La terza lettura dalle Scritture ebraiche, Isaia 50:4-9, attira l’attenzione sulla sofferenza causata dal potere imperiale; sottolinea in particolare l’esperienza di subire il potere distruttivo e il bisogno di sostenere “lo sfiduciato”, colui che è schiacciato dalle strutture oppressive. Il servo sofferente parla degli abusi fisici e verbali subiti come risposta alla fedeltà (versetti 4-6).
L’immagine di presentare “la guancia a coloro che mi strappavano la barba” appare altrove e simboleggia le situazioni di persecuzione dei Giudei sotto il potere imperiale (Isaia 7:20; 2 Samuele 10:4).
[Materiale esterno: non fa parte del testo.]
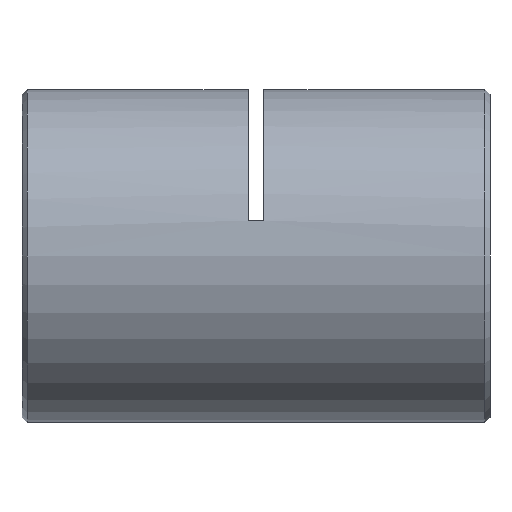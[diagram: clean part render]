
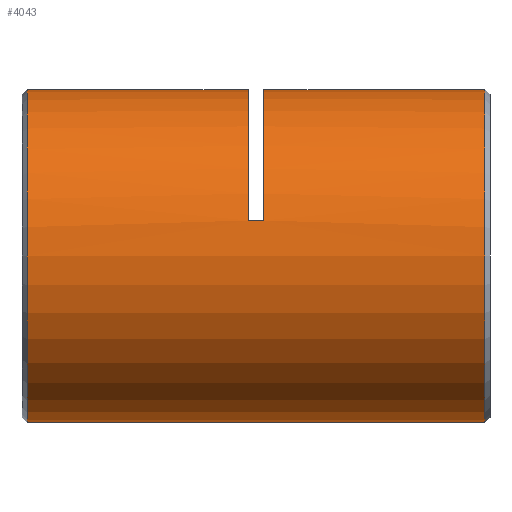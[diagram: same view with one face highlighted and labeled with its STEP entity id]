
A CAD part, left-side view. The second image highlights one B-rep face of the part: STEP entity #4043.
In plain terms, the highlighted cylindrical face has radius 16 mm (diameter 32 mm), a partial arc.
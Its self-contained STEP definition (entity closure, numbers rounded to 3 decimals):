
#111 = DIRECTION ( 'NONE',  ( 0., 1., 0. ) ) ;
#165 = VERTEX_POINT ( 'NONE', #6148 ) ;
#326 = LINE ( 'NONE', #2274, #4669 ) ;
#333 = VERTEX_POINT ( 'NONE', #1823 ) ;
#359 = CIRCLE ( 'NONE', #2996, 16. ) ;
#557 = VERTEX_POINT ( 'NONE', #4659 ) ;
#657 = DIRECTION ( 'NONE',  ( 0., 0., 1. ) ) ;
#985 = DIRECTION ( 'NONE',  ( 0., 0., -1. ) ) ;
#1005 = CIRCLE ( 'NONE', #1815, 16. ) ;
#1102 = AXIS2_PLACEMENT_3D ( 'NONE', #5571, #4748, #5701 ) ;
#1236 = VERTEX_POINT ( 'NONE', #4978 ) ;
#1258 = VERTEX_POINT ( 'NONE', #2542 ) ;
#1285 = DIRECTION ( 'NONE',  ( 0., 1., 0. ) ) ;
#1337 = CARTESIAN_POINT ( 'NONE',  ( 0., 44.75, 0. ) ) ;
#1357 = ORIENTED_EDGE ( 'NONE', *, *, #5650, .T. ) ;
#1402 = CIRCLE ( 'NONE', #4990, 16. ) ;
#1563 = CARTESIAN_POINT ( 'NONE',  ( 0., 0.75, 16. ) ) ;
#1591 = DIRECTION ( 'NONE',  ( 0., 1., 0. ) ) ;
#1619 = CARTESIAN_POINT ( 'NONE',  ( 0., 22., 0. ) ) ;
#1815 = AXIS2_PLACEMENT_3D ( 'NONE', #5060, #6101, #657 ) ;
#1821 = DIRECTION ( 'NONE',  ( 0., 1., 0. ) ) ;
#1823 = CARTESIAN_POINT ( 'NONE',  ( 0., 22., 16. ) ) ;
#2014 = EDGE_LOOP ( 'NONE', ( #4181, #3545, #1357, #2398, #2335, #4808, #5134, #2884 ) ) ;
#2151 = FACE_OUTER_BOUND ( 'NONE', #2014, .T. ) ;
#2274 = CARTESIAN_POINT ( 'NONE',  ( 0., 0., -16. ) ) ;
#2305 = VERTEX_POINT ( 'NONE', #1563 ) ;
#2335 = ORIENTED_EDGE ( 'NONE', *, *, #4445, .T. ) ;
#2398 = ORIENTED_EDGE ( 'NONE', *, *, #3957, .F. ) ;
#2542 = CARTESIAN_POINT ( 'NONE',  ( 0., 44.75, -16. ) ) ;
#2778 = CARTESIAN_POINT ( 'NONE',  ( -15.632, 22., 3.413 ) ) ;
#2884 = ORIENTED_EDGE ( 'NONE', *, *, #4737, .T. ) ;
#2996 = AXIS2_PLACEMENT_3D ( 'NONE', #1619, #111, #5531 ) ;
#3015 = CARTESIAN_POINT ( 'NONE',  ( -15.632, 22.75, 3.413 ) ) ;
#3260 = DIRECTION ( 'NONE',  ( 0., 1., 0. ) ) ;
#3415 = AXIS2_PLACEMENT_3D ( 'NONE', #6109, #1285, #5139 ) ;
#3545 = ORIENTED_EDGE ( 'NONE', *, *, #4919, .T. ) ;
#3627 = CYLINDRICAL_SURFACE ( 'NONE', #3415, 16. ) ;
#3957 = EDGE_CURVE ( 'NONE', #4769, #333, #359, .T. ) ;
#4043 = ADVANCED_FACE ( 'NONE', ( #2151 ), #3627, .T. ) ;
#4181 = ORIENTED_EDGE ( 'NONE', *, *, #4751, .F. ) ;
#4311 = LINE ( 'NONE', #4740, #5523 ) ;
#4445 = EDGE_CURVE ( 'NONE', #4769, #1236, #6016, .T. ) ;
#4659 = CARTESIAN_POINT ( 'NONE',  ( 0., 44.75, 16. ) ) ;
#4669 = VECTOR ( 'NONE', #3260, 1000. ) ;
#4737 = EDGE_CURVE ( 'NONE', #557, #1258, #1402, .T. ) ;
#4740 = CARTESIAN_POINT ( 'NONE',  ( 0., 0., 16. ) ) ;
#4748 = DIRECTION ( 'NONE',  ( 0., 1., 0. ) ) ;
#4751 = EDGE_CURVE ( 'NONE', #165, #1258, #326, .T. ) ;
#4769 = VERTEX_POINT ( 'NONE', #2778 ) ;
#4786 = CIRCLE ( 'NONE', #1102, 16. ) ;
#4808 = ORIENTED_EDGE ( 'NONE', *, *, #5823, .T. ) ;
#4919 = EDGE_CURVE ( 'NONE', #165, #2305, #4786, .T. ) ;
#4971 = DIRECTION ( 'NONE',  ( 0., 1., 0. ) ) ;
#4978 = CARTESIAN_POINT ( 'NONE',  ( -15.632, 23.5, 3.413 ) ) ;
#4990 = AXIS2_PLACEMENT_3D ( 'NONE', #1337, #5386, #985 ) ;
#5033 = CARTESIAN_POINT ( 'NONE',  ( 0., 0., 16. ) ) ;
#5060 = CARTESIAN_POINT ( 'NONE',  ( 0., 23.5, 0. ) ) ;
#5099 = VERTEX_POINT ( 'NONE', #5364 ) ;
#5134 = ORIENTED_EDGE ( 'NONE', *, *, #5214, .T. ) ;
#5139 = DIRECTION ( 'NONE',  ( 0., 0., 1. ) ) ;
#5214 = EDGE_CURVE ( 'NONE', #5099, #557, #5467, .T. ) ;
#5364 = CARTESIAN_POINT ( 'NONE',  ( 0., 23.5, 16. ) ) ;
#5386 = DIRECTION ( 'NONE',  ( 0., -1., 0. ) ) ;
#5467 = LINE ( 'NONE', #5033, #5624 ) ;
#5523 = VECTOR ( 'NONE', #1821, 1000. ) ;
#5531 = DIRECTION ( 'NONE',  ( 0., 0., 1. ) ) ;
#5571 = CARTESIAN_POINT ( 'NONE',  ( 0., 0.75, 0. ) ) ;
#5624 = VECTOR ( 'NONE', #4971, 1000. ) ;
#5650 = EDGE_CURVE ( 'NONE', #2305, #333, #4311, .T. ) ;
#5701 = DIRECTION ( 'NONE',  ( 0., 0., 1. ) ) ;
#5823 = EDGE_CURVE ( 'NONE', #1236, #5099, #1005, .T. ) ;
#6016 = LINE ( 'NONE', #3015, #6225 ) ;
#6101 = DIRECTION ( 'NONE',  ( 0., 1., 0. ) ) ;
#6109 = CARTESIAN_POINT ( 'NONE',  ( 0., 0., 0. ) ) ;
#6148 = CARTESIAN_POINT ( 'NONE',  ( 0., 0.75, -16. ) ) ;
#6225 = VECTOR ( 'NONE', #1591, 1000. ) ;

Qui sembra riferirsi all’esperienza dell’esilio sotto il potere babilonese.
Il servo, che è un individuo e al tempo stesso un rappresentante del popolo con la missione di sostenere lo sfiduciato (versetto 4), soffre a causa del potere che lo travolge. Come il salmista, il servo attinge grande forza dalla presenza di Dio. La violenza non genera altra violenza e le sventure del servo non vengono viste come una punizione o una mancanza di protezione da parte di Dio. Dio viene in suo aiuto e non è disonorato. Il servo ha fiducia che i propositi di Dio avranno la meglio sui nemici (7-9).
Siamo preparati ad affrontare il prezzo concreto della lotta per la giustizia, per coloro a cui è negata dallo stato o dalle istituzioni religiose? Prendiamo in giro noi stessi quando pensiamo che la lotta non avrà il suo prezzo in termini fisici, spirituali ed emotivi? Cosa facciamo quando le nostre esperienze non ci permettono di dare testimonianza alla piena difesa di Dio nella lotta?
– In che modo il popolo di Dio oppresso affronta lo scarto tra la promessa di liberazione di Dio e la sua attuale realtà di dolore?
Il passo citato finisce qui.